◆ **WHAT IS BEING ASKED**
Your answer should be an exact copy of all the entries, free of pictures.

RECORDS FOR PROCESSING START

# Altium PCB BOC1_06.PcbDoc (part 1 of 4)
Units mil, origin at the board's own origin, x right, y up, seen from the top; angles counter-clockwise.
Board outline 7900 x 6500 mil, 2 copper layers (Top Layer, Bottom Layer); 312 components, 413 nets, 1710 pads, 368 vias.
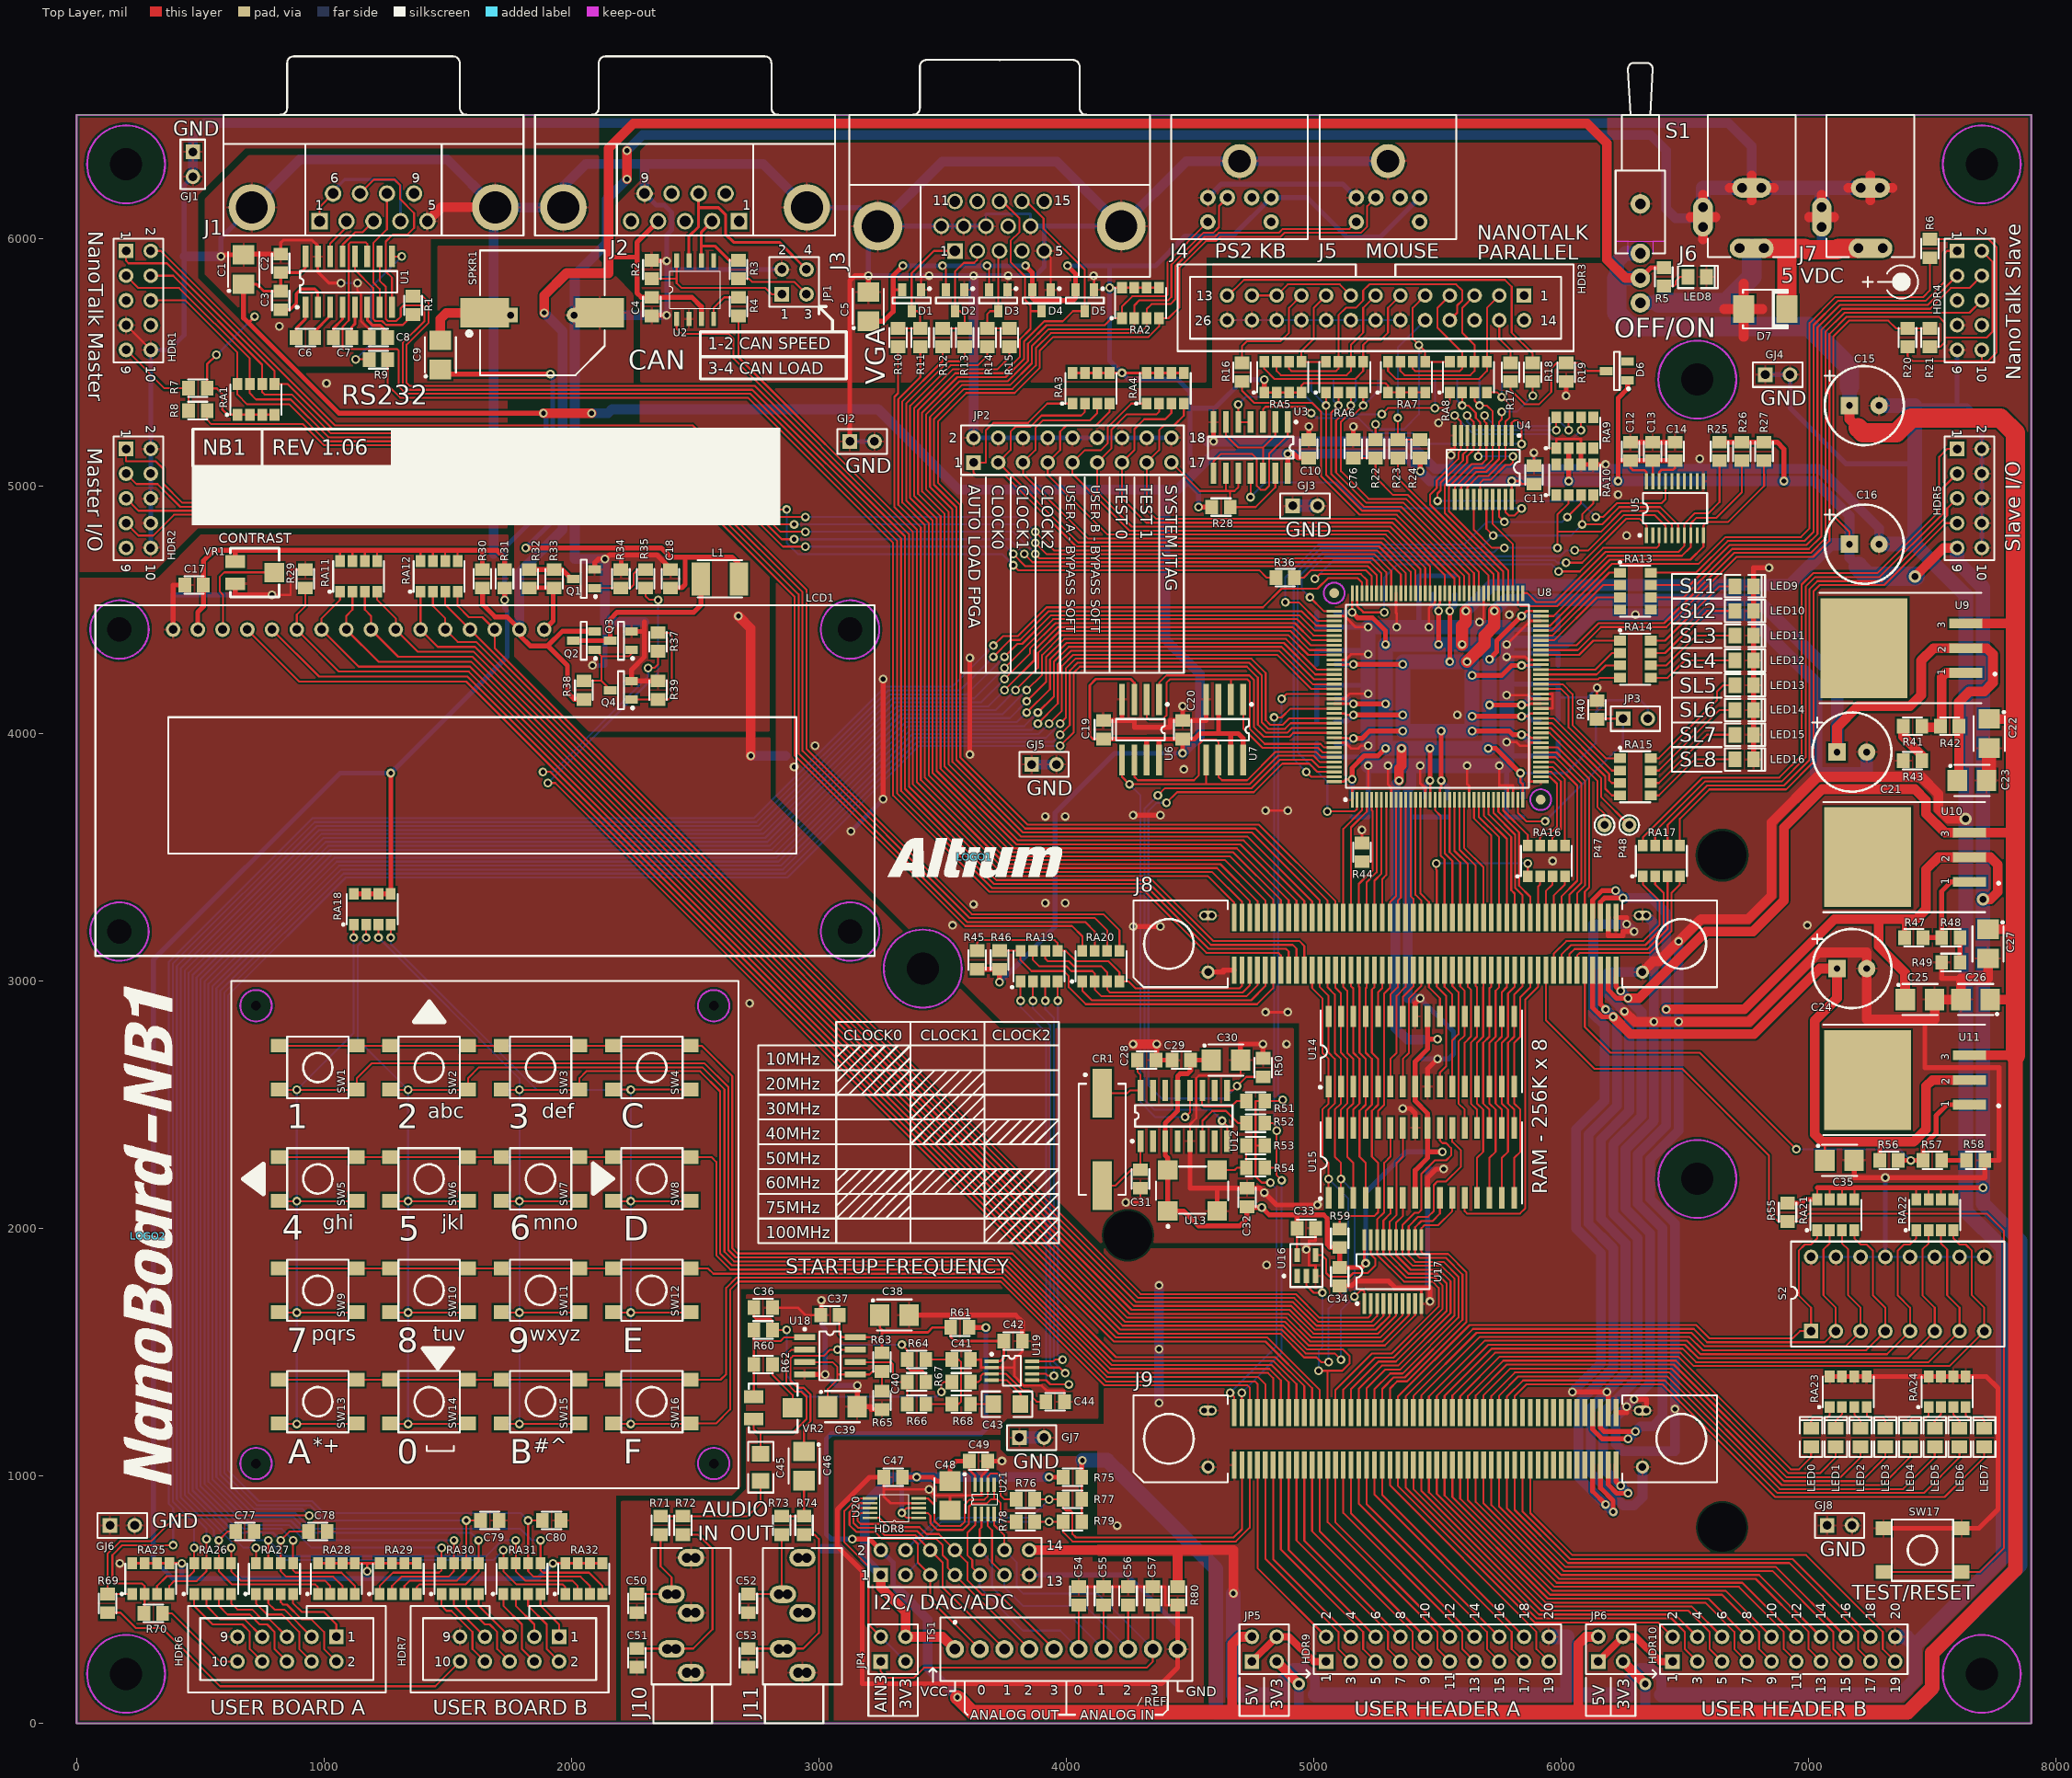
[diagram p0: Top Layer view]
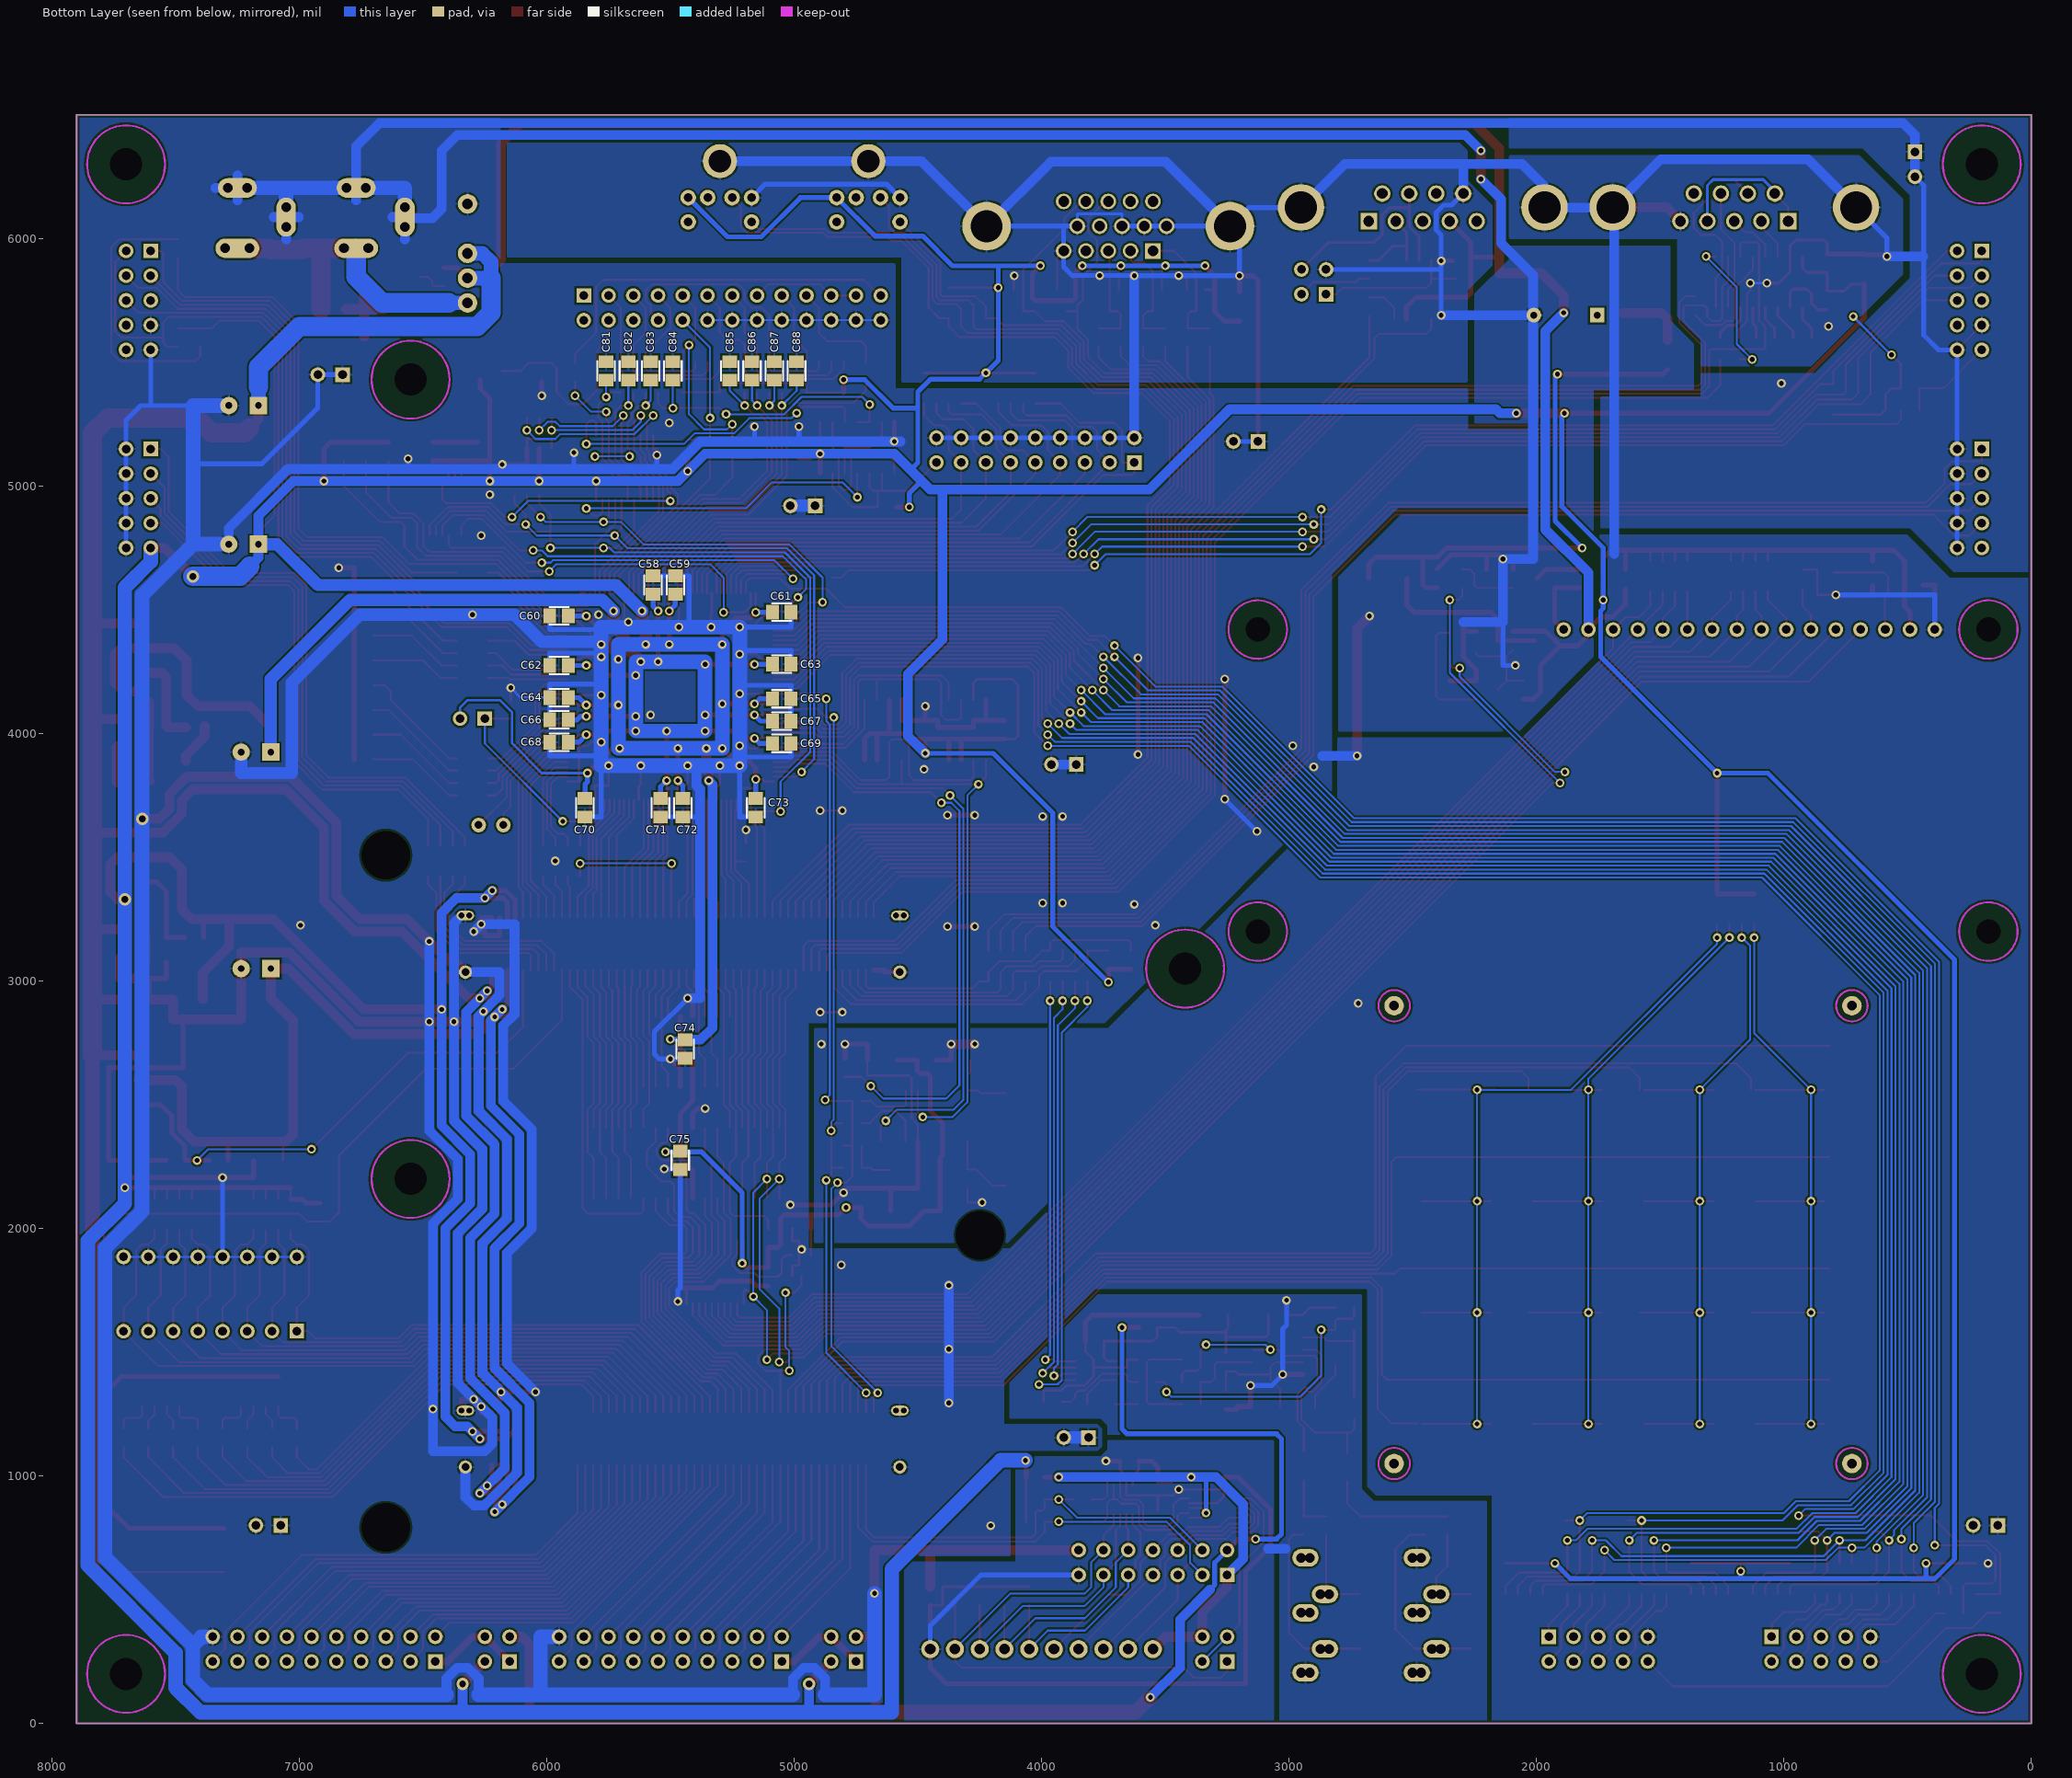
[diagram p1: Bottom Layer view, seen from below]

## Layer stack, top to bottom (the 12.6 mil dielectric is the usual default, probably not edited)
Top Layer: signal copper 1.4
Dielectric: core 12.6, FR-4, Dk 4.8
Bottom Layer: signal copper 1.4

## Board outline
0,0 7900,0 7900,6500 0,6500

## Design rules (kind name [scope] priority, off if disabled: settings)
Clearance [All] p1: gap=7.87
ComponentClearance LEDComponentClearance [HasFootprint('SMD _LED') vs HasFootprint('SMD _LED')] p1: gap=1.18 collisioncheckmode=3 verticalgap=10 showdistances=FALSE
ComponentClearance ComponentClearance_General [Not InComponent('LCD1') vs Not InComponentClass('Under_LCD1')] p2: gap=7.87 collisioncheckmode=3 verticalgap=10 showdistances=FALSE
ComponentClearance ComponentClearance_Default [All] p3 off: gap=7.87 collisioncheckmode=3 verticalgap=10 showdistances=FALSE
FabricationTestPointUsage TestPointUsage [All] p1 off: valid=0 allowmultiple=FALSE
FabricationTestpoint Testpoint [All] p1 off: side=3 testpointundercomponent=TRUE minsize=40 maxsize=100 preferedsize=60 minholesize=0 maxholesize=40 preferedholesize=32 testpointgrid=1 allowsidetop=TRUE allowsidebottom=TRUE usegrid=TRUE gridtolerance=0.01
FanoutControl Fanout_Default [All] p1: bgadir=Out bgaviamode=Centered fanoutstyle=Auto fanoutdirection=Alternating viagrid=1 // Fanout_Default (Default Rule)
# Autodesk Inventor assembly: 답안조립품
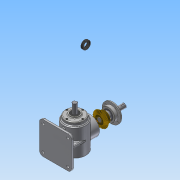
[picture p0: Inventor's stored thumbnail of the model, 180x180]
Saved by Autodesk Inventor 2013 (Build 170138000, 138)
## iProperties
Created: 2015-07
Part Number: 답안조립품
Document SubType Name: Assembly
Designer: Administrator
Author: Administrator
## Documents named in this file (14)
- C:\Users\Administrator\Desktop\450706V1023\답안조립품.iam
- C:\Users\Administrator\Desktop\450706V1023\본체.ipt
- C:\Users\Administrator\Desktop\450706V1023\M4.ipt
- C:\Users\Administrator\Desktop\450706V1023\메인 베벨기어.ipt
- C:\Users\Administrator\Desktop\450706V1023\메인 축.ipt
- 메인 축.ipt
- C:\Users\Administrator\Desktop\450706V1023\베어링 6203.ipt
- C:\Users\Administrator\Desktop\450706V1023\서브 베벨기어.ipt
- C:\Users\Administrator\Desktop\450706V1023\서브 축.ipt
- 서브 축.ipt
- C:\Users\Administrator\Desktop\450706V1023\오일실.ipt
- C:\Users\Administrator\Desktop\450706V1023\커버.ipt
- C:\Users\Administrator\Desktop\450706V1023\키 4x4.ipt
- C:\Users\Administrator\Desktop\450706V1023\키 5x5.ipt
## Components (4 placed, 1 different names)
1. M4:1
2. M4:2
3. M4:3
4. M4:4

RECORDS FOR PROCESSING END

◆ **ANSWER TO THE PROBLEM**
# Altium PCB BOC1_06.PcbDoc (part 1 of 4)
Units mil, origin at the board's own origin, x right, y up, seen from the top; angles counter-clockwise.
Board outline 7900 x 6500 mil, 2 copper layers (Top Layer, Bottom Layer); 312 components, 413 nets, 1710 pads, 368 vias.
[diagram p0: Top Layer view]
[diagram p1: Bottom Layer view, seen from below]

## Layer stack, top to bottom (the 12.6 mil dielectric is the usual default, probably not edited)
Top Layer: signal copper 1.4
Dielectric: core 12.6, FR-4, Dk 4.8
Bottom Layer: signal copper 1.4

## Board outline
0,0 7900,0 7900,6500 0,6500

## Design rules (kind name [scope] priority, off if disabled: settings)
Clearance [All] p1: gap=7.87
ComponentClearance LEDComponentClearance [HasFootprint('SMD _LED') vs HasFootprint('SMD _LED')] p1: gap=1.18 collisioncheckmode=3 verticalgap=10 showdistances=FALSE
ComponentClearance ComponentClearance_General [Not InComponent('LCD1') vs Not InComponentClass('Under_LCD1')] p2: gap=7.87 collisioncheckmode=3 verticalgap=10 showdistances=FALSE
ComponentClearance ComponentClearance_Default [All] p3 off: gap=7.87 collisioncheckmode=3 verticalgap=10 showdistances=FALSE
FabricationTestPointUsage TestPointUsage [All] p1 off: valid=0 allowmultiple=FALSE
FabricationTestpoint Testpoint [All] p1 off: side=3 testpointundercomponent=TRUE minsize=40 maxsize=100 preferedsize=60 minholesize=0 maxholesize=40 preferedholesize=32 testpointgrid=1 allowsidetop=TRUE allowsidebottom=TRUE usegrid=TRUE gridtolerance=0.01
FanoutControl Fanout_Default [All] p1: bgadir=Out bgaviamode=Centered fanoutstyle=Auto fanoutdirection=Alternating viagrid=1 // Fanout_Default (Default Rule)
# Autodesk Inventor assembly: 답안조립품
[picture p0: Inventor's stored thumbnail of the model, 180x180]
Saved by Autodesk Inventor 2013 (Build 170138000, 138)
## iProperties
Created: 2015-07
Part Number: 답안조립품
Document SubType Name: Assembly
Designer: Administrator
Author: Administrator
## Documents named in this file (14)
- C:\Users\Administrator\Desktop\450706V1023\답안조립품.iam
- C:\Users\Administrator\Desktop\450706V1023\본체.ipt
- C:\Users\Administrator\Desktop\450706V1023\M4.ipt
- C:\Users\Administrator\Desktop\450706V1023\메인 베벨기어.ipt
- C:\Users\Administrator\Desktop\450706V1023\메인 축.ipt
- 메인 축.ipt
- C:\Users\Administrator\Desktop\450706V1023\베어링 6203.ipt
- C:\Users\Administrator\Desktop\450706V1023\서브 베벨기어.ipt
- C:\Users\Administrator\Desktop\450706V1023\서브 축.ipt
- 서브 축.ipt
- C:\Users\Administrator\Desktop\450706V1023\오일실.ipt
- C:\Users\Administrator\Desktop\450706V1023\커버.ipt
- C:\Users\Administrator\Desktop\450706V1023\키 4x4.ipt
- C:\Users\Administrator\Desktop\450706V1023\키 5x5.ipt
## Components (4 placed, 1 different names)
1. M4:1
2. M4:2
3. M4:3
4. M4:4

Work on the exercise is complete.